Please tally the lines of the listing that hold the string "styles", and reply with that total only.

##########

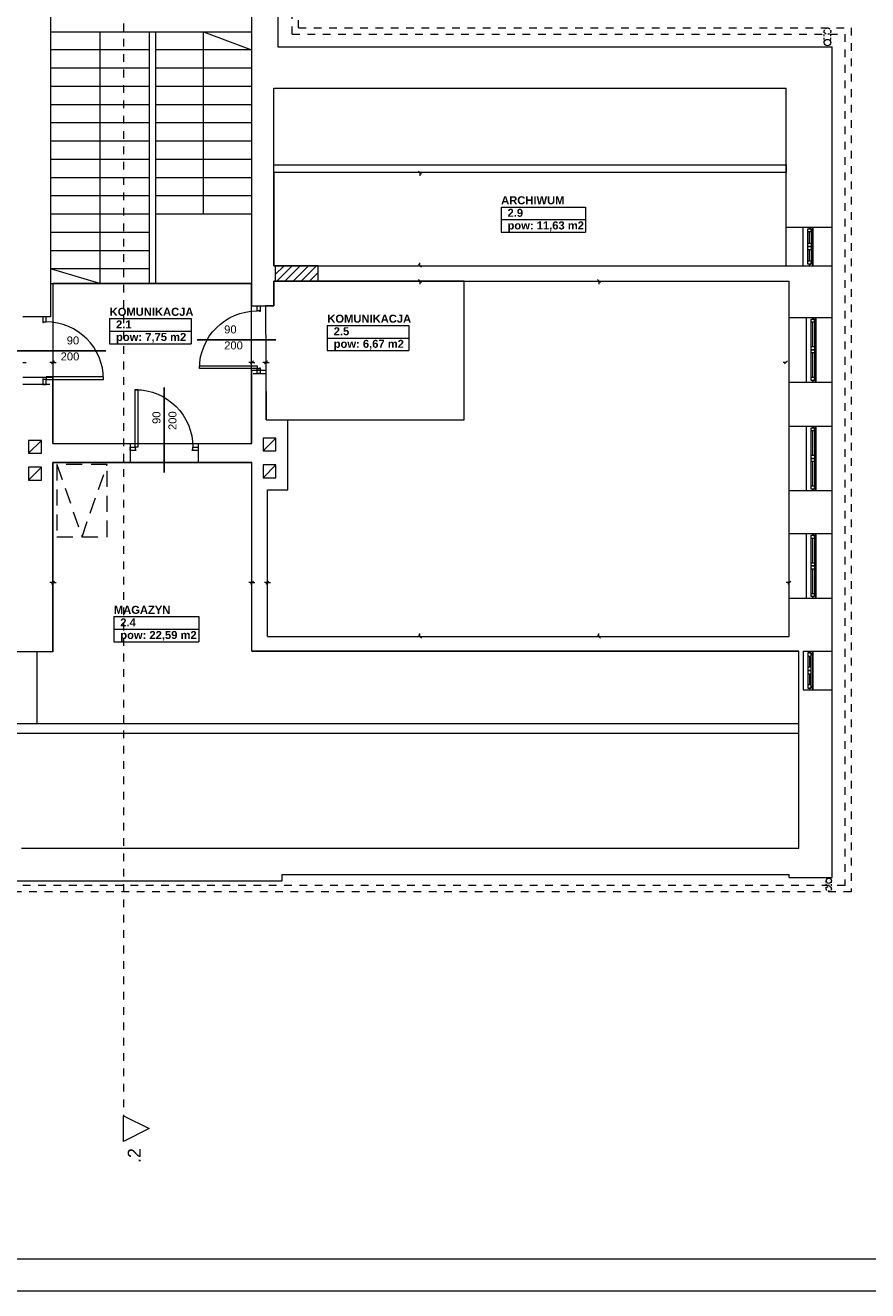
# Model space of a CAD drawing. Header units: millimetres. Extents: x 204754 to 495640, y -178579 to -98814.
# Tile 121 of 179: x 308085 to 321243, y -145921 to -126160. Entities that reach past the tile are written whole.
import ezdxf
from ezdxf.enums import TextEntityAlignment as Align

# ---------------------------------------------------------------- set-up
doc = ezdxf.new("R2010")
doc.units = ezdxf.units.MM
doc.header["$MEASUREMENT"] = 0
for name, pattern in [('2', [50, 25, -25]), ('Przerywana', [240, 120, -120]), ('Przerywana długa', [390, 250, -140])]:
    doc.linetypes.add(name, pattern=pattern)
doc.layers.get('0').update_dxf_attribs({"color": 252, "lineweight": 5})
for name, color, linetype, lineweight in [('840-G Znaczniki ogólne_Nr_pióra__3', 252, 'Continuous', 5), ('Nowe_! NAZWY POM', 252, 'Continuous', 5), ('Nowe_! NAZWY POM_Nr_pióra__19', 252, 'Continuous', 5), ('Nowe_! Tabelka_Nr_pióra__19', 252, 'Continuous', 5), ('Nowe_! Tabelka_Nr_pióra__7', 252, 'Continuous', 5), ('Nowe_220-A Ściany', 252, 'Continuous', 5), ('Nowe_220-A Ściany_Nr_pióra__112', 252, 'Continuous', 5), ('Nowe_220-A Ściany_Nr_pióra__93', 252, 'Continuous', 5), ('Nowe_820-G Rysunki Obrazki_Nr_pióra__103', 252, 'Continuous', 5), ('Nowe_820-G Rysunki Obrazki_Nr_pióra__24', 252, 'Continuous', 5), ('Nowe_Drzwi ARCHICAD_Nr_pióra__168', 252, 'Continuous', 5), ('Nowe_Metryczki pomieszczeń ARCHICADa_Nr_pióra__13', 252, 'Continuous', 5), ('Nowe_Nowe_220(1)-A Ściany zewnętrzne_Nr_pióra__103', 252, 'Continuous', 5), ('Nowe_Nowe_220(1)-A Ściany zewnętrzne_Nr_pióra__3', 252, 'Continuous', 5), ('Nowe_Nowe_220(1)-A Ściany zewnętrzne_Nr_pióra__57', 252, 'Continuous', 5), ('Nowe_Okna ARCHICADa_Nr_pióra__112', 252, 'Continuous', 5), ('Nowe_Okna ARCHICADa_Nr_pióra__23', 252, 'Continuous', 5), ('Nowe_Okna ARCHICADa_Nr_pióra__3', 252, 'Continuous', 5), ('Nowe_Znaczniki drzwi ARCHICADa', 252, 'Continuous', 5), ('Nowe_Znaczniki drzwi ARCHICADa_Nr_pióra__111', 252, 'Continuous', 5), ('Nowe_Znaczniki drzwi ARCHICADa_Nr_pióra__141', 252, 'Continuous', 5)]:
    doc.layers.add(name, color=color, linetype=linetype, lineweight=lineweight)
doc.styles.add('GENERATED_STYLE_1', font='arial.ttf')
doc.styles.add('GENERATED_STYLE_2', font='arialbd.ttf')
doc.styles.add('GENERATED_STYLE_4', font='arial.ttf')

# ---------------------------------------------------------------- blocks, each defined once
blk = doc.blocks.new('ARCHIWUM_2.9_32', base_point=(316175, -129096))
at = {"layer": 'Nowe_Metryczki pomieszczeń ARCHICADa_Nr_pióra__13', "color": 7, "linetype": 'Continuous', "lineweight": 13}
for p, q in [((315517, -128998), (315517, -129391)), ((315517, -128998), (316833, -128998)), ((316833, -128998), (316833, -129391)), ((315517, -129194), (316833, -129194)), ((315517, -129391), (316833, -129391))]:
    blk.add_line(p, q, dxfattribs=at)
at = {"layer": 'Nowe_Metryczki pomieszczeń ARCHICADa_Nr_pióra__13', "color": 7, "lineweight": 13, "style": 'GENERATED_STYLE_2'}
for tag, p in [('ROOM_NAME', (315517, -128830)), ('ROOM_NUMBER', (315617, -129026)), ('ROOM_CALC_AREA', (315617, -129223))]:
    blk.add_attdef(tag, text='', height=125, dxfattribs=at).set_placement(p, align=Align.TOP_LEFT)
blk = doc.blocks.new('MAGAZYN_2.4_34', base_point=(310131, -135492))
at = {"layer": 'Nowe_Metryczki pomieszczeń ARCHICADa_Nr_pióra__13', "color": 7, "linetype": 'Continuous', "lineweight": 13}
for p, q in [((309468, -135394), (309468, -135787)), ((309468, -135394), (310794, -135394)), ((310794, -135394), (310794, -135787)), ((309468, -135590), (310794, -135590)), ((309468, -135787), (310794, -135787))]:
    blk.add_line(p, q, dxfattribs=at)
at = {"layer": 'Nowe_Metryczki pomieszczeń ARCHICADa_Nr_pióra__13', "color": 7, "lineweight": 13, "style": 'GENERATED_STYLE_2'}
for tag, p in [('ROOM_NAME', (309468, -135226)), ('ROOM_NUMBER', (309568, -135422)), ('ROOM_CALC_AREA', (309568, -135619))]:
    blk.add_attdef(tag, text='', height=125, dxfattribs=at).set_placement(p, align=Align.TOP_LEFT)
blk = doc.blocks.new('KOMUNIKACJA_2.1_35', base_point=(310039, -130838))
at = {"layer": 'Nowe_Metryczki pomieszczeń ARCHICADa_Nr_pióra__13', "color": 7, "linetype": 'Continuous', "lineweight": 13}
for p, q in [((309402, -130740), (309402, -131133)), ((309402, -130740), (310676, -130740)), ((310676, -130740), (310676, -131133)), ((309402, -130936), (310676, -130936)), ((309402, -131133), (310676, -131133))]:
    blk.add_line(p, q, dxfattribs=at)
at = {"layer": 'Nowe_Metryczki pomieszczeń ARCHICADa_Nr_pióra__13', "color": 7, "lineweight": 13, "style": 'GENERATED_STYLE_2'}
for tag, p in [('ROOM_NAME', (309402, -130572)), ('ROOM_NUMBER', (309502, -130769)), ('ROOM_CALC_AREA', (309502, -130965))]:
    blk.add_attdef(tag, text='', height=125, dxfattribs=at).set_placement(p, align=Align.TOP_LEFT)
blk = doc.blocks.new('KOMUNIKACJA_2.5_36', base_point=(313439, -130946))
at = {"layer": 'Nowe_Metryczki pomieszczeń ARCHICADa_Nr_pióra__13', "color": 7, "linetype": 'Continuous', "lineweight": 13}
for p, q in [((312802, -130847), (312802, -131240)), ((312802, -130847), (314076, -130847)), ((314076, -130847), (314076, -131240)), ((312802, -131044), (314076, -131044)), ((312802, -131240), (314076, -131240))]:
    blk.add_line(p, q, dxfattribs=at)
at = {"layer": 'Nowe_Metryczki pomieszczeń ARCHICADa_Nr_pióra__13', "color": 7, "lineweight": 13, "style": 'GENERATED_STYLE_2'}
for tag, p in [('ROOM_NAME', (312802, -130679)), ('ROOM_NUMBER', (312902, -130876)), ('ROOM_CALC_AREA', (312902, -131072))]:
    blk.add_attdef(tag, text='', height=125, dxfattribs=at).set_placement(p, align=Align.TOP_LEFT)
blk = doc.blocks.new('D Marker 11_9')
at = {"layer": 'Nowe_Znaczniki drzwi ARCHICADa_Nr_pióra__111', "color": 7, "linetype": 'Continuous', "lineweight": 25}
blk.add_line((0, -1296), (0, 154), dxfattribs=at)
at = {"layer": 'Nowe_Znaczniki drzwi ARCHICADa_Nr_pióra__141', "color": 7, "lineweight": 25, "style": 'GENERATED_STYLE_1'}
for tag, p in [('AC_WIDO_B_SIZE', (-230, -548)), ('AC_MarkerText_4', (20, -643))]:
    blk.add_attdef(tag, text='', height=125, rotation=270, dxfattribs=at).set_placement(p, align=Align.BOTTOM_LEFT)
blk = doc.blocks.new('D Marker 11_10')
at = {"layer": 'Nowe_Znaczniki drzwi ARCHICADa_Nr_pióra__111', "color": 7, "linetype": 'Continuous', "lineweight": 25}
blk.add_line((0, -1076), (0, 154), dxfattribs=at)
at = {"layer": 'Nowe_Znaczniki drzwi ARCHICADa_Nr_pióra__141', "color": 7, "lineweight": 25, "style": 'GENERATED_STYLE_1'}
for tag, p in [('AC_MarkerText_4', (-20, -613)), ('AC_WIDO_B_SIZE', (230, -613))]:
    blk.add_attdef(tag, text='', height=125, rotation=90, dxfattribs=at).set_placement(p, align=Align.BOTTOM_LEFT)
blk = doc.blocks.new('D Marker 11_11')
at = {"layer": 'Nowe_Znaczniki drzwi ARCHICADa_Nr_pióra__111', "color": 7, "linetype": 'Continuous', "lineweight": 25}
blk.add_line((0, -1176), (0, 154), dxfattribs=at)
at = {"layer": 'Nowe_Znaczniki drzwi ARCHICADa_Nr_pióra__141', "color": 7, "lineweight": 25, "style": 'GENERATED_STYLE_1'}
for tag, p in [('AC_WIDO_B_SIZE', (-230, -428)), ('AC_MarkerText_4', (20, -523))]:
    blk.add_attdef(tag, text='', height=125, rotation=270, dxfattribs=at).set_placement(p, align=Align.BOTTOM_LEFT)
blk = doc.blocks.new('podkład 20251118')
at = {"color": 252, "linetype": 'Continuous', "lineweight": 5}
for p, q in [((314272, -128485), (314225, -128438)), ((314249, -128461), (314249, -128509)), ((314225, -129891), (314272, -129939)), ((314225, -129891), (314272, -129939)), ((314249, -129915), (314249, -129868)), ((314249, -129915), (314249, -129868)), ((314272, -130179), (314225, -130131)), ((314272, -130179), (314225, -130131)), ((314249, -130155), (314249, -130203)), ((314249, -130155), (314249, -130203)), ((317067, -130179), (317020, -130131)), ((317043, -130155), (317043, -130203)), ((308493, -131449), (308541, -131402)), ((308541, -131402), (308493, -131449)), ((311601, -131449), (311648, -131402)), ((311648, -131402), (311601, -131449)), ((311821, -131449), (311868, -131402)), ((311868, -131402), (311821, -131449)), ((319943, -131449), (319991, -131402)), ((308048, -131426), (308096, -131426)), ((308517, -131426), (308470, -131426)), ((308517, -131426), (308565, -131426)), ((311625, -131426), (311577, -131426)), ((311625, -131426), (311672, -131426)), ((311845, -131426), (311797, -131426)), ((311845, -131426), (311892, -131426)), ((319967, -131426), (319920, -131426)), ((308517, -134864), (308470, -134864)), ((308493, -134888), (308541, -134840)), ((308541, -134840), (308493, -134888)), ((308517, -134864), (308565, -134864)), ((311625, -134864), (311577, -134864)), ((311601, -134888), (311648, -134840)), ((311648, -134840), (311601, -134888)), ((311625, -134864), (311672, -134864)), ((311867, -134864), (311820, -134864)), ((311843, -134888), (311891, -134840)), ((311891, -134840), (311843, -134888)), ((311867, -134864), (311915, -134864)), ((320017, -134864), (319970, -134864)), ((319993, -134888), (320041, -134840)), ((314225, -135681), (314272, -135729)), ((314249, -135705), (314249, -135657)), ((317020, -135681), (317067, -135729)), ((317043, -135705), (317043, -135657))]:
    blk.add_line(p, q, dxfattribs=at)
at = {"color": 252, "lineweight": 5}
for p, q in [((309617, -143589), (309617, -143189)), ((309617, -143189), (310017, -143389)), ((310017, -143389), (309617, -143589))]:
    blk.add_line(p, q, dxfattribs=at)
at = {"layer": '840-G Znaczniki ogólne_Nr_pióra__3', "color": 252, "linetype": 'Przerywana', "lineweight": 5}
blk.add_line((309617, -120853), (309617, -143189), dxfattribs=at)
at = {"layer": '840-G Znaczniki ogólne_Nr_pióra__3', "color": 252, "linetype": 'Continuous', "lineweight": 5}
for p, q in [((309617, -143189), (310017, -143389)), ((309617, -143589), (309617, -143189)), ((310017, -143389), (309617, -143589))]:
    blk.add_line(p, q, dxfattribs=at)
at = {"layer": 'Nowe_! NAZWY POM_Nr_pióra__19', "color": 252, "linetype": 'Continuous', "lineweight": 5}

##########

## Answer to this exercise
3